§ Exercise requirements: Search term "RETAINER": work out how many lines of the data below contain it, and answer with that number alone.
START Material provided
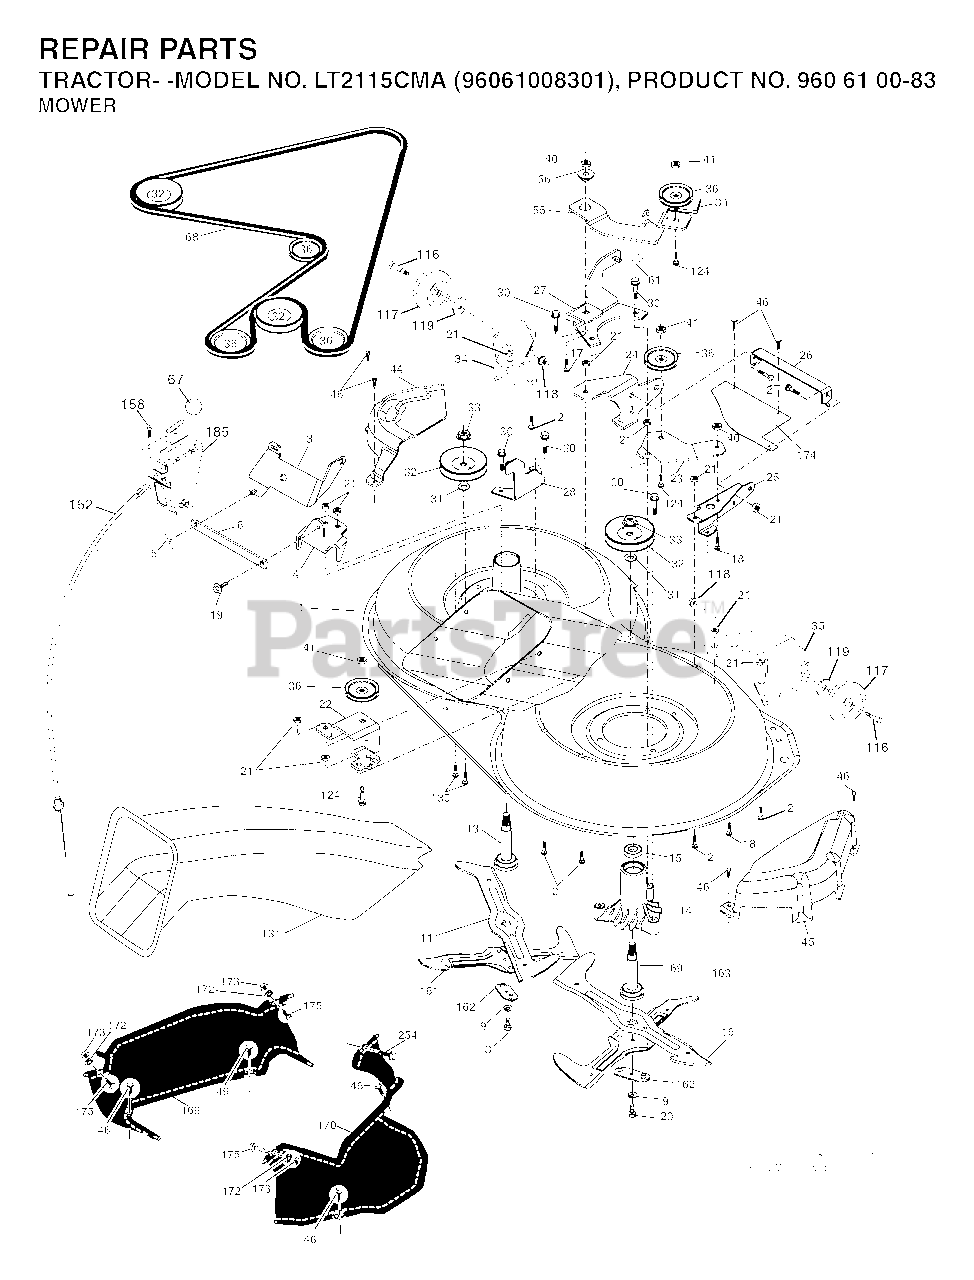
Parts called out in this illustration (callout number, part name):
2	BOLT
3	BRACKET
5	RETAINER-SPRNG RB
6	BAR SWAY
9	LOCKWASHER
13	SHAFT ASM VENT
14	HSG MANDREL
17	BOLT.3/8-14X1.25
19	BOLT SHD 5/16-18
21	LOCKNUT
24	BRACKET
25	BRACKET
28	BRACKET
30	SCREW, WASHER HEAD
31	WASHER.SPACER.MANDREL
33	NUT.FLANGE.LOCK.TOP
36	PULLEY.IDLER.4.25
40	LOCKNUT
41	NUT LOCK FLG 3/8-16 UNC
45	MANDREL COVER
46	SCREW.1/4-20X5/8
56	SPACER.RETAINER.MOWER
61	SPRING.TENSION.BELT
67	KNOB T (3/8 HOLE)
69	SHAFT.ASM.W/LWR.BRG.RH.THREAD
84	KEEPER, BELT IDLER
116	BOLT.SHOULDER.3/8-16X3-5/8
117	WHEEL. GUAGE RALLY
118	LOCKNUT
119	WASHER
124	BOLT.3/8-16X1.50
131	CHUTE BAGGER
158	SCREW
169	COVER TERMINAL BATTERY
172	PUSH.NUT.ROUND.3/8.DIAM
173	NUT
185	HEAD ASM. CABLE CLUTCH
254	SCREW 3/8-16X1
END Material provided
§ Solved problem: 2